But the sales success presented its own set of problems. In 1975, RAM editor Anthony O’Grady wrote about a conversation he had with a Mushroom staffer. “I don’t think it’s wise for them to make a second album,” the staffer said. “It’s just gonna get slagged.”

As the band was becoming over-exposed in Australia, Gudinski trumpeted a “$1.5 million deal” with Mercury Records in the US, a contract covering ten albums in five years.

“When they go to the US, it’ll turn out as sure as anything that they’ll be the band that everyone’s waiting for,” Christie Eliezer wrote. “And when they burst open the scene there, it will be like the Liverpool area after the Beatles … it’s the break that the Australian music industry will need. Go Skyhooks.”

Even Elton John was on board. “In my opinion, Skyhooks are most definitely ‘living in the 70s’,” he said on LA radio. “Like in the early ’60s when a place called Liverpool turned the eyes and ears of the world with the Beatles, the ’70s could very well see Melbourne become the city of tomorrow’s music world.”

Skyhooks did 37 shows in the US in 1976. Mercury released the band’s second album, Ego Is Not A Dirty Word, as the Hooks’ US debut (including two tracks from Living In The 70’s, Horror Movie and You Just Like Me ’Cos I’m Good In Bed). But the critics saw them as a pale imitation of KISS – a band the Hooks had never seen. 

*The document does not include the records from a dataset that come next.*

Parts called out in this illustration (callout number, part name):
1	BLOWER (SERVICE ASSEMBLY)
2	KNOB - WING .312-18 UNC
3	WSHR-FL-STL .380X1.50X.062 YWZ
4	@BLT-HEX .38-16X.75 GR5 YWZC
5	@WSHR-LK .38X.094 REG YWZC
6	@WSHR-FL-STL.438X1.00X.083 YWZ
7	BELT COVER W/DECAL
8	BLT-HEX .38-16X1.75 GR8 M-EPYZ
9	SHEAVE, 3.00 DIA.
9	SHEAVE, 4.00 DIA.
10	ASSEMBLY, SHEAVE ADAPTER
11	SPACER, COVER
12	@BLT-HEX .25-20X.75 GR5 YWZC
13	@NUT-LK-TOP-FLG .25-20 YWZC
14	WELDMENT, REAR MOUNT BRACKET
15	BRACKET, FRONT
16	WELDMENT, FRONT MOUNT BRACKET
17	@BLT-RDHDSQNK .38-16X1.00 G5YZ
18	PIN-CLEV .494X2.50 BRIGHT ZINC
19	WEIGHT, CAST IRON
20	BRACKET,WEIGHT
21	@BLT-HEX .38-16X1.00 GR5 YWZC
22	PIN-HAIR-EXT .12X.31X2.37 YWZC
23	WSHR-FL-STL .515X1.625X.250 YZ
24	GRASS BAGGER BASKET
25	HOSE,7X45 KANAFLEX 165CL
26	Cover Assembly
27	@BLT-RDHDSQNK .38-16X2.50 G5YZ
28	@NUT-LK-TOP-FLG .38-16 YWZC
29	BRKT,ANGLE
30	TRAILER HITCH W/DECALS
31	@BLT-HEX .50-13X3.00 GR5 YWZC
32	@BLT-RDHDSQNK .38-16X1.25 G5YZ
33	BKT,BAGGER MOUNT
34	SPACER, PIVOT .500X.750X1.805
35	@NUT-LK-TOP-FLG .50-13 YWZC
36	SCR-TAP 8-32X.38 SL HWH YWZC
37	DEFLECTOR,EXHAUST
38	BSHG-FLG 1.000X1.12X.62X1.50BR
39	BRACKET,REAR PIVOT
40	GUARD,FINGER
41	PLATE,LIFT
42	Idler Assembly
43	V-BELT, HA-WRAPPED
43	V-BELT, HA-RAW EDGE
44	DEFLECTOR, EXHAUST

“Skyhooks, to be blunt, is without a single redeeming quality,” the Philadelphia Inquirer’s Jack Lloyd wrote in a piece headed ‘Skyhooks Can Go Back Home’. Paul Westmore, of the Niagara Falls Gazette, believed the band “came off with a tired cacophonous sound that went nowhere”. While The Tribune’s Joe Raymond reviewed the band’s show with Uriah Heep: “Leading off was Skyhooks, Australia’s greatest disaster since Frank Sinatra made his last tour.”

Skyhooks never did get to release those ten albums in America. Mercury released their third album, Straight In A Gay Gay World, retitling it Living In The 70’s, but it failed to crack the US charts.

The Hooks limped home from America, more than $90,000 in the red. Red Symons exited the band after the Straight album, while Shirley Strachan departed after the fourth album. The band enjoyed some successful re-formations before Shirl died in a helicopter crash in 2001. He was 49.

Living In The 70’s remains the band’s masterwork. Fifty years on, it still thrills. As Peter Garrett notes, “Some music just jumps out of the speakers, some bands just jump out of the box, some even write their own script and break the mould – Skyhooks were one of those bands.”

And the words of Whatever Happened To The Revolution? still resonate.

And now today everyone’s a bit older,” Shirley Strachan sings. “We’re gettin’ richer but we’re getting colder.

We’re lookin’ for somethin’ that just ain’t there, and it don’t mean nothin’ to have long hair.

So, when you’re ready to make a stand, open your mouth and raise your hand … Get off your arses, I’ll see you out in the streets.”